Preferred alkanoic acid starting materials for the preparation of alkenyl alkanoates are C2-C4, such as acetic acid, propionic acid, or butyric acid; preferred alkene starting materials also have from 2 to 4 carbon atoms, such as ethylene, propylene or n-butene. Preferably, the process provides vinyl acetate, vinyl propionate, vinyl butyrate or allyl acetate.

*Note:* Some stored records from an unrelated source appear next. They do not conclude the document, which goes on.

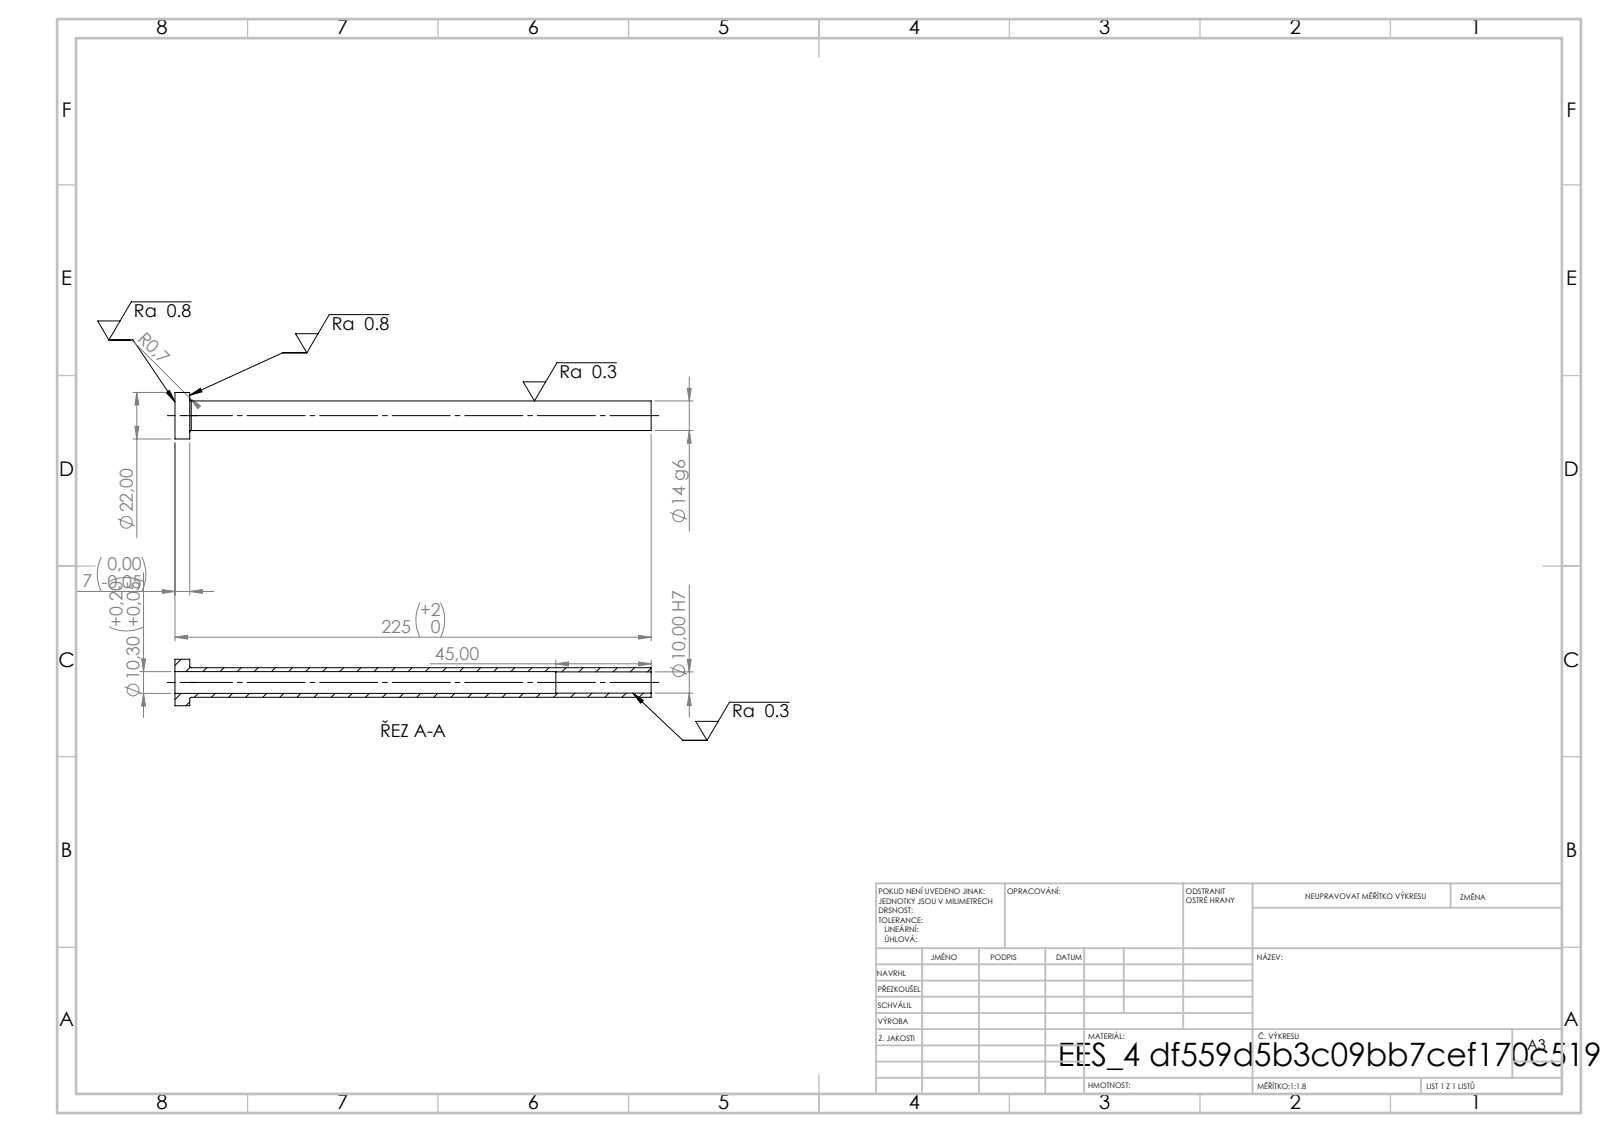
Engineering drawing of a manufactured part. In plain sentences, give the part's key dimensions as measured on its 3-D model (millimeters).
Its 3-D file was written by "SolidWorks 2019 (CONFIG_CONTROL_DESIGN)". It is 1 solid with 14 faces: 4 planar, 8 cylindrical and 2 other. Overall it measures 225 by 22 by 22 millimeters. Its volume is 17 692 cubic millimeters and its surface area 17 900 square millimeters. Round holes: 1 of diameter 10, 1 of diameter 10.3. Round bosses or shafts: 1 of diameter 22, 1 of diameter 14. The main face-to-face distances are 7, 225, 218, 180, 173, 45.
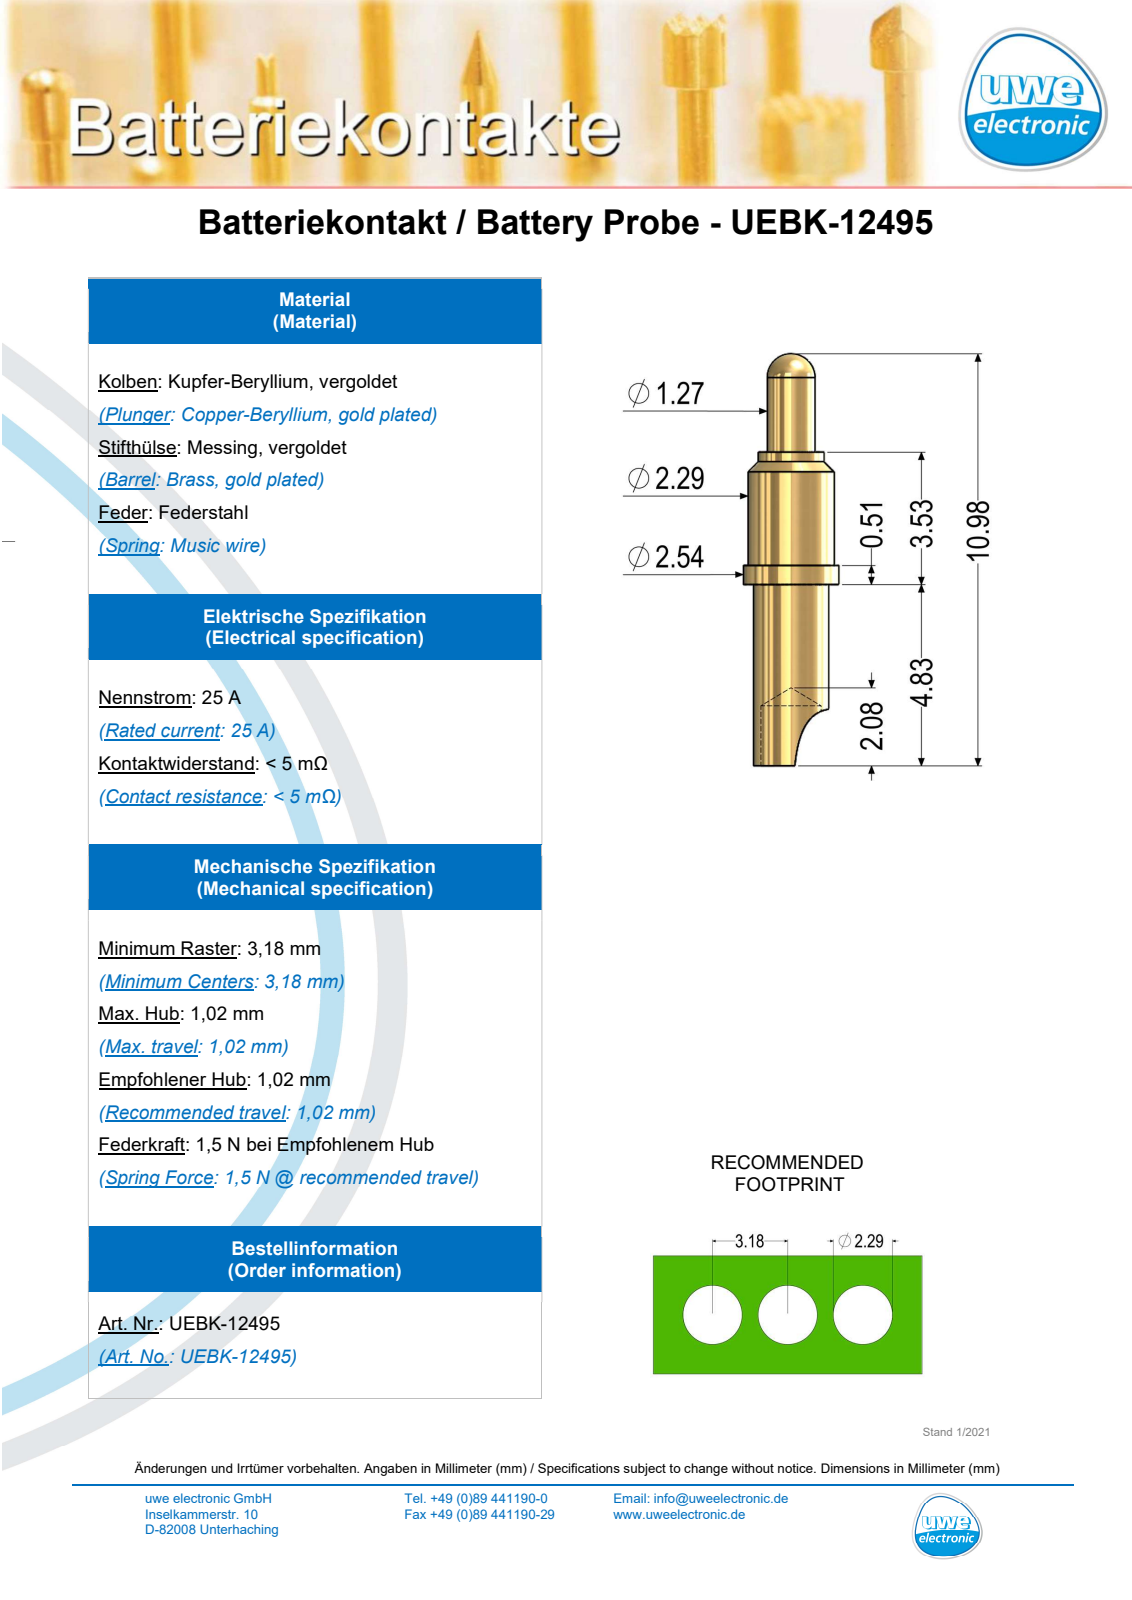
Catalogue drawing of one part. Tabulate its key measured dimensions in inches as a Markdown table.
| quantity | value |
| --- | --- |
| part name | UEBK-12495_2017_09_12 |
| STEP written by | SolidWorks 2017 (AUTOMOTIVE_DESIGN) |
| units | inches |
| bodies | 1 solid, 23 faces (4 planar, 12 cylindrical, 7 other) |
| overall size | 0.432 × 0.1 × 0.1 |
| volume | 0.002 in³ |
| surface area | 0.12 in² |
| round holes (diameter × count) | 0.063 × 1 |
| round bosses / shafts (diameter × count) | 0.1 × 1, 0.09 × 1, 0.079 × 1, 0.069 × 1, 0.05 × 1 |
| main face-to-face distances | 0.139, 0.02, 0.119, 0.19, 0.21, 0.329 |

The alkenyl alkanoates prepared as described above are known compounds which are used for known purposes, such as vinyl acetate for the preparation of polyvinyl acetate.

Claims (8)

PATENT CLAIMS A process for the preparation of catalysts of increased activity for the preparation of alkenyl alkanoates from alkenes, alkanoic acid and oxygen-containing gas by impregnating palladium, gold and a potassium promoter, which can be converted into a potassium alkanoate or a compound thereof, into a cation exchange support. - applying and then plating, the step further comprising washing the resulting catalyst with water or an aqueous solution containing the potassium promoter and recovering the resulting reduced sodium catalyst in a known manner. 2. The method of claim 1, wherein the potassium promoter solution is an aqueous potassium acetate solution. A process according to claim 1, wherein a second impregnation step is carried out with an aqueous potassium promoter solution prior to recovering the catalyst. The process according to claim 1, wherein the impregnation with the potassium promoter utilizes a potassium promoter solution at a concentration of 5 to 8%, which is max. Provides 4% potassium content. The method of claim 1, wherein the step of washing with the potassium promoter is 5-8 The potassium promoter solution was used at a concentration of max. Provides 4% potassium content. 6. The process of claim 1, wherein the resulting catalyst has a sodium content of less than 5% by weight. The process of claim 1, wherein the resulting catalyst has a sodium content of less than 0.2% by weight. The process of claim 1, wherein the resulting catalyst has a sodium content of less than 0.1% by weight.